What to work on:
Print each record exactly, with no word added or removed.
Records shown section start
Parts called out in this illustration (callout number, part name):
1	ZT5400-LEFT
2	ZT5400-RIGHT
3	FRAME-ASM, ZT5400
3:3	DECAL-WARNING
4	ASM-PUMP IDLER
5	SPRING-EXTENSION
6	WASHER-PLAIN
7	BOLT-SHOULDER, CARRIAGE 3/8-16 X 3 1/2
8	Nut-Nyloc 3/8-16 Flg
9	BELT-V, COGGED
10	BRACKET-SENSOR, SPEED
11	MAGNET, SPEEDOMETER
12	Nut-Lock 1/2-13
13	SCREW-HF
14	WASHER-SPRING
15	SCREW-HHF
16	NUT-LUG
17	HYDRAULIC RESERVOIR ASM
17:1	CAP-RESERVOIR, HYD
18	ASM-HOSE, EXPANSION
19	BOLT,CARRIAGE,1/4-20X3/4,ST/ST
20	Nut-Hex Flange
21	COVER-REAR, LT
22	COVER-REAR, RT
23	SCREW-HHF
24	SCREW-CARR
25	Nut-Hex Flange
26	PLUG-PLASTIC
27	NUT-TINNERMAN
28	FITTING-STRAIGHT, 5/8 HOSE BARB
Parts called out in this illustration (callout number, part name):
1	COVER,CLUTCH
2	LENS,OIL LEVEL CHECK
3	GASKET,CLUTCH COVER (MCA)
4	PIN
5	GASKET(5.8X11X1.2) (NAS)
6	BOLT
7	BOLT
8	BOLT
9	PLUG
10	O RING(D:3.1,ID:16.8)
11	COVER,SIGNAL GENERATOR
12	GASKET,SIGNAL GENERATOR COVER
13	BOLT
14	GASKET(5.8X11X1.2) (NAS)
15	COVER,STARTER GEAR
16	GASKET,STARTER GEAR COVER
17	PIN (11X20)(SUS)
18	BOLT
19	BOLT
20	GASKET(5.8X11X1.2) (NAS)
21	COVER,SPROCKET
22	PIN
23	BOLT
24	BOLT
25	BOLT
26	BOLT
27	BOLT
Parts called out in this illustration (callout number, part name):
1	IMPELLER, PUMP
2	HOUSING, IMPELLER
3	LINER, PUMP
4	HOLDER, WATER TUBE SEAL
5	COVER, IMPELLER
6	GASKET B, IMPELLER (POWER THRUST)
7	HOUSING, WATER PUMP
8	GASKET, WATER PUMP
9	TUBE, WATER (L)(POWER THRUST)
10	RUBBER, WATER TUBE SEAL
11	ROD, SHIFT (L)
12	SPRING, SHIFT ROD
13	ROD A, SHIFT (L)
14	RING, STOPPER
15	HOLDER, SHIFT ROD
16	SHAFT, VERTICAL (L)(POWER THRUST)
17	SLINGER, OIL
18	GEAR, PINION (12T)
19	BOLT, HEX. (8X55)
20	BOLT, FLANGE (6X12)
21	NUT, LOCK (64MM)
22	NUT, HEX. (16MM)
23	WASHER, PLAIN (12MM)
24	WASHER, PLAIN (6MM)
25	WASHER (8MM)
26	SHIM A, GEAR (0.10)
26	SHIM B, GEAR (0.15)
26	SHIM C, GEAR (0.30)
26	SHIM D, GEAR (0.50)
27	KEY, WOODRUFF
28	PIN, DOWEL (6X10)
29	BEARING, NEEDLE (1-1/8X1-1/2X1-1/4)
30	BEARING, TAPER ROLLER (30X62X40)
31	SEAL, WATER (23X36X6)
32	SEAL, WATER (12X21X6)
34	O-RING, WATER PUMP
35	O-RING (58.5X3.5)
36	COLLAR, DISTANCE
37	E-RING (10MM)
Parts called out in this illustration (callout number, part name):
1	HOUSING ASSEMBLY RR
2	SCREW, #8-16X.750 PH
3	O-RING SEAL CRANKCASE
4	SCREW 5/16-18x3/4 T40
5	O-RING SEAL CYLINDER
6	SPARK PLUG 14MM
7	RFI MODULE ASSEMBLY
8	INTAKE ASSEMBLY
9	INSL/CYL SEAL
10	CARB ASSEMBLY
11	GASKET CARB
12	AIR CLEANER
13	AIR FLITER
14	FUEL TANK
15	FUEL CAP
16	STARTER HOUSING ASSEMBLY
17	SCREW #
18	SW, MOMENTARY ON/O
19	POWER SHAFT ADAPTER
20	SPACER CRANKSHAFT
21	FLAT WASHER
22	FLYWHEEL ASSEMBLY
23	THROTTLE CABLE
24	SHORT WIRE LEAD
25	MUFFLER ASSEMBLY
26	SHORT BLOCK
Records shown section end
Output:
Parts called out in this illustration (callout number, part name):
1	ZT5400-LEFT
2	ZT5400-RIGHT
3	FRAME-ASM, ZT5400
3:3	DECAL-WARNING
4	ASM-PUMP IDLER
5	SPRING-EXTENSION
6	WASHER-PLAIN
7	BOLT-SHOULDER, CARRIAGE 3/8-16 X 3 1/2
8	Nut-Nyloc 3/8-16 Flg
9	BELT-V, COGGED
10	BRACKET-SENSOR, SPEED
11	MAGNET, SPEEDOMETER
12	Nut-Lock 1/2-13
13	SCREW-HF
14	WASHER-SPRING
15	SCREW-HHF
16	NUT-LUG
17	HYDRAULIC RESERVOIR ASM
17:1	CAP-RESERVOIR, HYD
18	ASM-HOSE, EXPANSION
19	BOLT,CARRIAGE,1/4-20X3/4,ST/ST
20	Nut-Hex Flange
21	COVER-REAR, LT
22	COVER-REAR, RT
23	SCREW-HHF
24	SCREW-CARR
25	Nut-Hex Flange
26	PLUG-PLASTIC
27	NUT-TINNERMAN
28	FITTING-STRAIGHT, 5/8 HOSE BARB
Parts called out in this illustration (callout number, part name):
1	COVER,CLUTCH
2	LENS,OIL LEVEL CHECK
3	GASKET,CLUTCH COVER (MCA)
4	PIN
5	GASKET(5.8X11X1.2) (NAS)
6	BOLT
7	BOLT
8	BOLT
9	PLUG
10	O RING(D:3.1,ID:16.8)
11	COVER,SIGNAL GENERATOR
12	GASKET,SIGNAL GENERATOR COVER
13	BOLT
14	GASKET(5.8X11X1.2) (NAS)
15	COVER,STARTER GEAR
16	GASKET,STARTER GEAR COVER
17	PIN (11X20)(SUS)
18	BOLT
19	BOLT
20	GASKET(5.8X11X1.2) (NAS)
21	COVER,SPROCKET
22	PIN
23	BOLT
24	BOLT
25	BOLT
26	BOLT
27	BOLT
Parts called out in this illustration (callout number, part name):
1	IMPELLER, PUMP
2	HOUSING, IMPELLER
3	LINER, PUMP
4	HOLDER, WATER TUBE SEAL
5	COVER, IMPELLER
6	GASKET B, IMPELLER (POWER THRUST)
7	HOUSING, WATER PUMP
8	GASKET, WATER PUMP
9	TUBE, WATER (L)(POWER THRUST)
10	RUBBER, WATER TUBE SEAL
11	ROD, SHIFT (L)
12	SPRING, SHIFT ROD
13	ROD A, SHIFT (L)
14	RING, STOPPER
15	HOLDER, SHIFT ROD
16	SHAFT, VERTICAL (L)(POWER THRUST)
17	SLINGER, OIL
18	GEAR, PINION (12T)
19	BOLT, HEX. (8X55)
20	BOLT, FLANGE (6X12)
21	NUT, LOCK (64MM)
22	NUT, HEX. (16MM)
23	WASHER, PLAIN (12MM)
24	WASHER, PLAIN (6MM)
25	WASHER (8MM)
26	SHIM A, GEAR (0.10)
26	SHIM B, GEAR (0.15)
26	SHIM C, GEAR (0.30)
26	SHIM D, GEAR (0.50)
27	KEY, WOODRUFF
28	PIN, DOWEL (6X10)
29	BEARING, NEEDLE (1-1/8X1-1/2X1-1/4)
30	BEARING, TAPER ROLLER (30X62X40)
31	SEAL, WATER (23X36X6)
32	SEAL, WATER (12X21X6)
34	O-RING, WATER PUMP
35	O-RING (58.5X3.5)
36	COLLAR, DISTANCE
37	E-RING (10MM)
Parts called out in this illustration (callout number, part name):
1	HOUSING ASSEMBLY RR
2	SCREW, #8-16X.750 PH
3	O-RING SEAL CRANKCASE
4	SCREW 5/16-18x3/4 T40
5	O-RING SEAL CYLINDER
6	SPARK PLUG 14MM
7	RFI MODULE ASSEMBLY
8	INTAKE ASSEMBLY
9	INSL/CYL SEAL
10	CARB ASSEMBLY
11	GASKET CARB
12	AIR CLEANER
13	AIR FLITER
14	FUEL TANK
15	FUEL CAP
16	STARTER HOUSING ASSEMBLY
17	SCREW #
18	SW, MOMENTARY ON/O
19	POWER SHAFT ADAPTER
20	SPACER CRANKSHAFT
21	FLAT WASHER
22	FLYWHEEL ASSEMBLY
23	THROTTLE CABLE
24	SHORT WIRE LEAD
25	MUFFLER ASSEMBLY
26	SHORT BLOCK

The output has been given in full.